Toksat ailesinin olay tarihinde 2 çocukları vardır. Saim Toksat 2 ve abla  Sevim Toksat 5 yaşında.

Saim Toksat, şu anda 77 yaşındadır. 2  evli kızı vardır. Kapalı çarşının  dericiler esnafı  içinde   sayılan ve sevilen  efendi insanı Kumburgaz Serhat sitesinde uzun yıllar  yaşadı. Daha sonra Silivri de yaşamaya başlar. Abla  Sevim  hanım .geçtiğimiz yıl hayata veda etti.

Maziye dönelim:

-"Yıl 1930.Siirt'den, İstanbul'a gelen Karaköy limanında iş bulan İsa Toksat, Üsküdar Tütün deposunda işçi olarak çalışan Şadiye ile bir aracı vasıtasıyla tanışıyor ve evleniyorlar.

 

Evliliklerinin ilk 7 yılı mutludurlar.

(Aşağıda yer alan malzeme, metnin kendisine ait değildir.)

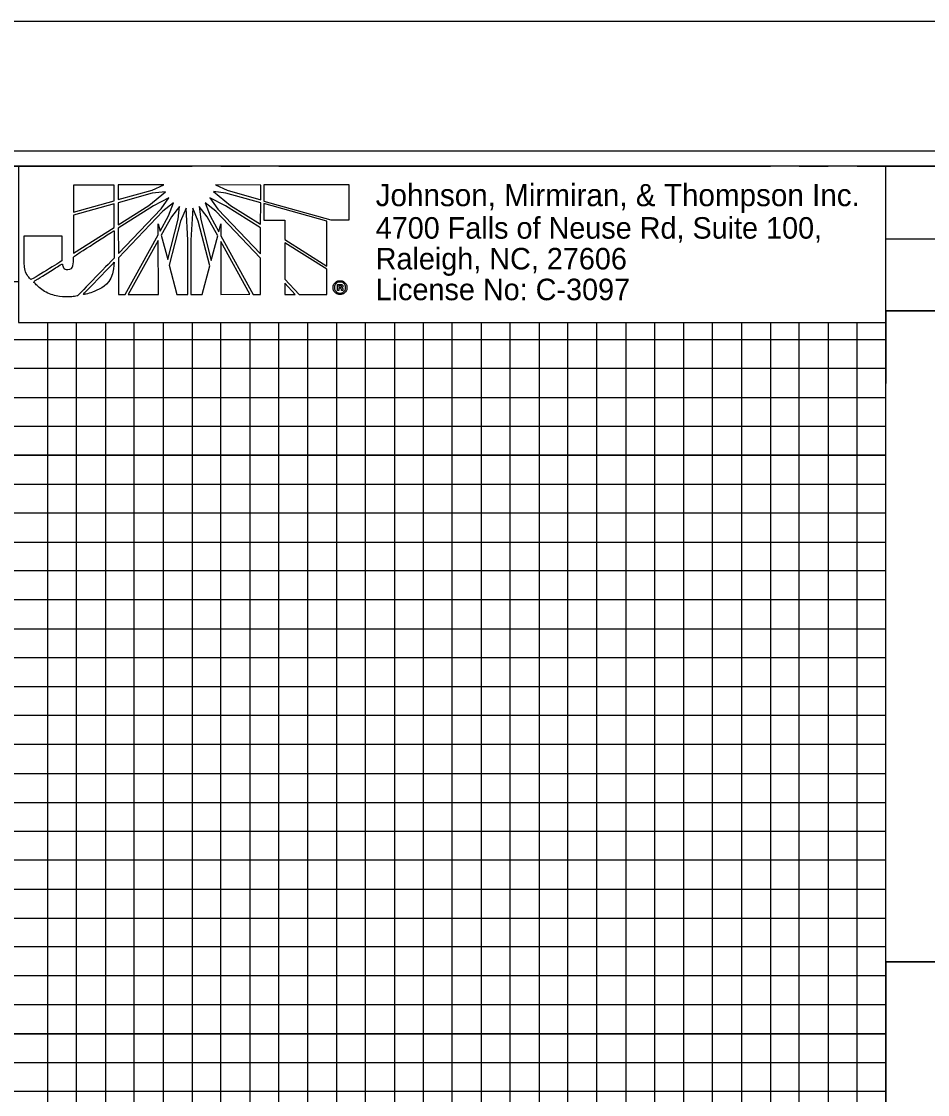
# Model space of a CAD drawing. Extents: x 1648862 to 1650855, y 808691 to 809791.
# Drawn here: x 1650179.8 to 1650336.5, y 809605.5 to 809791 of the extents above; entities that cross this region are included whole.
import ezdxf

# ---------------------------------------------------------------- set-up
doc = ezdxf.new("R2010")
doc.units = 0
for name, color, linetype in [('Prop Dimension Text', 7, 'Continuous'), ('Sheet Cutting Line CELL', 7, 'Continuous'), ('Sheet DOT Grid CELL', 7, 'Continuous'), ('Sheet Plan CELL', 7, 'Continuous'), ('Sheet Plot Border Inside CELL', 7, 'Continuous'), ('Sheet Plot Border Outside CELL', 7, 'Continuous'), ('Sheet Profile CELL', 7, 'Continuous'), ('Sheet Profile Grid Major CELL', 7, 'Continuous'), ('Sheet Profile Grid Middle CELL', 7, 'Continuous'), ('Sheet Profile Grid Minor CELL', 7, 'Continuous'), ('Sheet Sticker Exception Certification CELL', 7, 'Continuous')]:
    doc.layers.add(name, color=color, linetype=linetype)

msp = doc.modelspace()

# ---------------------------------------------------------------- linework, layer by layer
at = {"layer": 'Prop Dimension Text'}
for p, q in [((1650195.79, 809762.71), (1650188.77, 809762.7)), ((1650188.77, 809762.7), (1650188.77, 809758.05)), ((1650195.79, 809760), (1650195.79, 809762.71)), ((1650204.41, 809762.75), (1650196.52, 809762.75)), ((1650196.52, 809762.75), (1650196.52, 809760.23)), ((1650196.52, 809760.23), (1650202.4, 809761.86)), ((1650202.4, 809761.31), (1650196.52, 809759.69)), ((1650201.79, 809759.23), (1650204.69, 809761.59)), ((1650202.4, 809761.86), (1650204.41, 809762.75)), ((1650204.69, 809761.59), (1650202.4, 809761.31)), ((1650212.96, 809761.6), (1650215.9, 809759.2)), ((1650215.13, 809761.33), (1650212.96, 809761.6)), ((1650221.14, 809762.73), (1650213.35, 809762.76)), ((1650213.35, 809762.76), (1650215.32, 809761.84)), ((1650221.14, 809759.68), (1650215.13, 809761.33)), ((1650215.32, 809761.84), (1650221.14, 809760.21)), ((1650221.14, 809760.21), (1650221.14, 809762.73)), ((1650236.43, 809762.78), (1650221.68, 809762.77)), ((1650221.68, 809762.77), (1650221.68, 809760.06)), ((1650236.44, 809756.74), (1650236.43, 809762.78)), ((1650188.77, 809758.05), (1650195.79, 809760)), ((1650195.79, 809759.49), (1650188.77, 809757.52)), ((1650195.79, 809755.43), (1650195.79, 809759.49)), ((1650196.52, 809759.69), (1650196.52, 809755.89)), ((1650196.52, 809755.89), (1650201.79, 809759.23)), ((1650202.6, 809759.15), (1650196.52, 809755.28)), ((1650205.27, 809760.51), (1650202.6, 809759.15)), ((1650203.92, 809758.61), (1650205.27, 809760.51)), ((1650206.08, 809759.66), (1650204.22, 809758.22)), ((1650205.23, 809757.42), (1650206.08, 809759.66)), ((1650211.53, 809759.67), (1650212.39, 809757.42)), ((1650213.39, 809758.23), (1650211.53, 809759.67)), ((1650212.35, 809760.51), (1650213.71, 809758.58)), ((1650215.06, 809759.16), (1650212.35, 809760.51)), ((1650221.1, 809755.33), (1650215.06, 809759.16)), ((1650215.9, 809759.2), (1650221.1, 809755.96)), ((1650221.1, 809755.96), (1650221.14, 809759.68)), ((1650221.68, 809760.06), (1650221.68, 809759.98)), ((1650221.68, 809759.98), (1650233.3, 809756.74)), ((1650221.68, 809759.56), (1650221.68, 809759.52)), ((1650232.56, 809756.47), (1650221.68, 809759.56)), ((1650221.68, 809759.52), (1650221.69, 809756.69)), ((1650188.77, 809757.52), (1650188.78, 809750.97)), ((1650196.53, 809750.9), (1650203.92, 809758.61)), ((1650204.22, 809758.22), (1650196.53, 809750.16)), ((1650203.76, 809754.74), (1650205.23, 809757.42)), ((1650207.09, 809759.04), (1650205.7, 809757.25)), ((1650206.9, 809756.87), (1650207.09, 809759.04)), ((1650208.25, 809758.73), (1650207.29, 809756.48)), ((1650208.56, 809753.19), (1650208.25, 809758.73)), ((1650209.41, 809758.73), (1650209.05, 809753.19)), ((1650210.34, 809756.48), (1650209.41, 809758.73)), ((1650210.53, 809759.04), (1650210.77, 809756.8)), ((1650211.89, 809757.26), (1650210.53, 809759.04)), ((1650213.71, 809753.97), (1650211.89, 809757.26)), ((1650212.39, 809757.42), (1650213.89, 809754.63)), ((1650221.1, 809750.11), (1650213.39, 809758.23)), ((1650213.71, 809758.58), (1650221.1, 809750.84)), ((1650188.78, 809750.97), (1650195.79, 809755.43)), ((1650203.41, 809754.16), (1650203.41, 809756.01)), ((1650203.41, 809756.01), (1650203.76, 809754.74)), ((1650205.7, 809757.25), (1650203.96, 809754.08)), ((1650205.09, 809749.87), (1650206.9, 809756.87)), ((1650207.29, 809756.48), (1650205.32, 809748.89)), ((1650212.36, 809748.78), (1650210.34, 809756.48)), ((1650210.77, 809756.8), (1650212.59, 809749.71)), ((1650213.89, 809754.63), (1650214.25, 809756.02)), ((1650214.25, 809756.02), (1650214.25, 809753.97)), ((1650221.69, 809756.69), (1650225.29, 809756.69)), ((1650225.29, 809756.69), (1650225.29, 809753.32)), ((1650232.57, 809748.72), (1650232.56, 809756.47)), ((1650233.3, 809756.74), (1650236.44, 809756.74)), ((1650196.52, 809755.28), (1650196.53, 809750.9)), ((1650197.69, 809743.79), (1650203.41, 809754.16)), ((1650203.96, 809754.08), (1650205.09, 809749.87)), ((1650212.59, 809749.71), (1650213.71, 809753.97)), ((1650214.25, 809753.97), (1650219.87, 809743.81)), ((1650221.1, 809750.84), (1650221.1, 809755.33)), ((1650203.42, 809753.15), (1650198.24, 809743.79)), ((1650203.47, 809743.8), (1650203.42, 809753.15)), ((1650208.57, 809743.84), (1650208.56, 809753.19)), ((1650209.05, 809753.19), (1650209.06, 809743.84)), ((1650219.29, 809743.85), (1650214.25, 809752.97)), ((1650214.25, 809752.97), (1650214.26, 809743.84)), ((1650225.29, 809753.32), (1650232.57, 809748.72)), ((1650225.29, 809752.74), (1650225.3, 809746.47)), ((1650232.57, 809748.18), (1650225.29, 809752.74)), ((1650196.53, 809750.16), (1650196.53, 809743.79)), ((1650221.11, 809743.81), (1650221.1, 809750.11)), ((1650205.32, 809748.89), (1650206.64, 809743.83)), ((1650211.01, 809743.84), (1650212.36, 809748.78)), ((1650232.57, 809743.82), (1650232.57, 809748.18)), ((1650225.3, 809746.47), (1650227.81, 809743.82)), ((1650234.86, 809746.19), (1650234.86, 809745.97)), ((1650234.86, 809745.97), (1650234.86, 809746.19)), ((1650227.12, 809743.82), (1650225.3, 809745.78)), ((1650225.3, 809745.78), (1650225.3, 809743.82)), ((1650234.42, 809744.49), (1650234.42, 809745.56)), ((1650234.42, 809745.56), (1650234.86, 809745.56)), ((1650234.66, 809744.49), (1650234.42, 809744.49)), ((1650234.86, 809745.36), (1650234.66, 809745.36)), ((1650234.66, 809745.36), (1650234.66, 809745.1)), ((1650234.66, 809745.1), (1650234.86, 809745.1)), ((1650234.86, 809744.91), (1650234.66, 809744.91)), ((1650234.66, 809744.91), (1650234.66, 809744.49)), ((1650234.86, 809745.56), (1650234.86, 809745.36)), ((1650234.86, 809745.36), (1650234.86, 809745.56)), ((1650234.86, 809745.56), (1650234.92, 809745.56)), ((1650234.89, 809745.36), (1650234.86, 809745.36)), ((1650234.86, 809745.1), (1650234.86, 809744.91)), ((1650234.86, 809744.91), (1650234.86, 809745.1)), ((1650234.86, 809745.1), (1650234.87, 809745.1)), ((1650234.87, 809744.91), (1650234.86, 809744.91)), ((1650196.53, 809743.79), (1650197.69, 809743.79)), ((1650198.24, 809743.79), (1650203.47, 809743.8)), ((1650206.64, 809743.83), (1650208.57, 809743.84)), ((1650209.06, 809743.84), (1650211.01, 809743.84)), ((1650214.26, 809743.84), (1650219.29, 809743.85)), ((1650219.87, 809743.81), (1650221.11, 809743.81)), ((1650225.3, 809743.82), (1650227.12, 809743.82)), ((1650227.81, 809743.82), (1650232.57, 809743.82)), ((1650234.86, 809744.07), (1650234.86, 809743.83)), ((1650234.86, 809743.83), (1650234.86, 809744.07)), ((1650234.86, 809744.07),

Önce Sevim, sonra da Saim  dünyaya geliyor.

Yıl 1938. Kıskançlık nöbetleri başlıyor. İsa ve Şadiye'nın   kavgaları her gün  daha artıyor. Nihayet müşterek hayat  çekilmez hale gelince  evler ayrılıyor. İsa Toksat  Nişantaşı'n da bekar odasına taşınıyor. Şadiye ise Üsküdar Arapbağında ki baba evine  dönüyor.

Ayrılık  sırasında, İsa'nın kulağına  gelen haber; hafif meşrep bir kadın olan Nimet'in, Şadiye ile  arkadaşlık yaptığı hatta birbirlerinin evine gidip geldiğini öğreniyor.

Karısının komşuları aracılığıyla, Nimet ile dostluğunu kesmesi için 2 kez haber yolluyor. Şadiye dikkate almıyor.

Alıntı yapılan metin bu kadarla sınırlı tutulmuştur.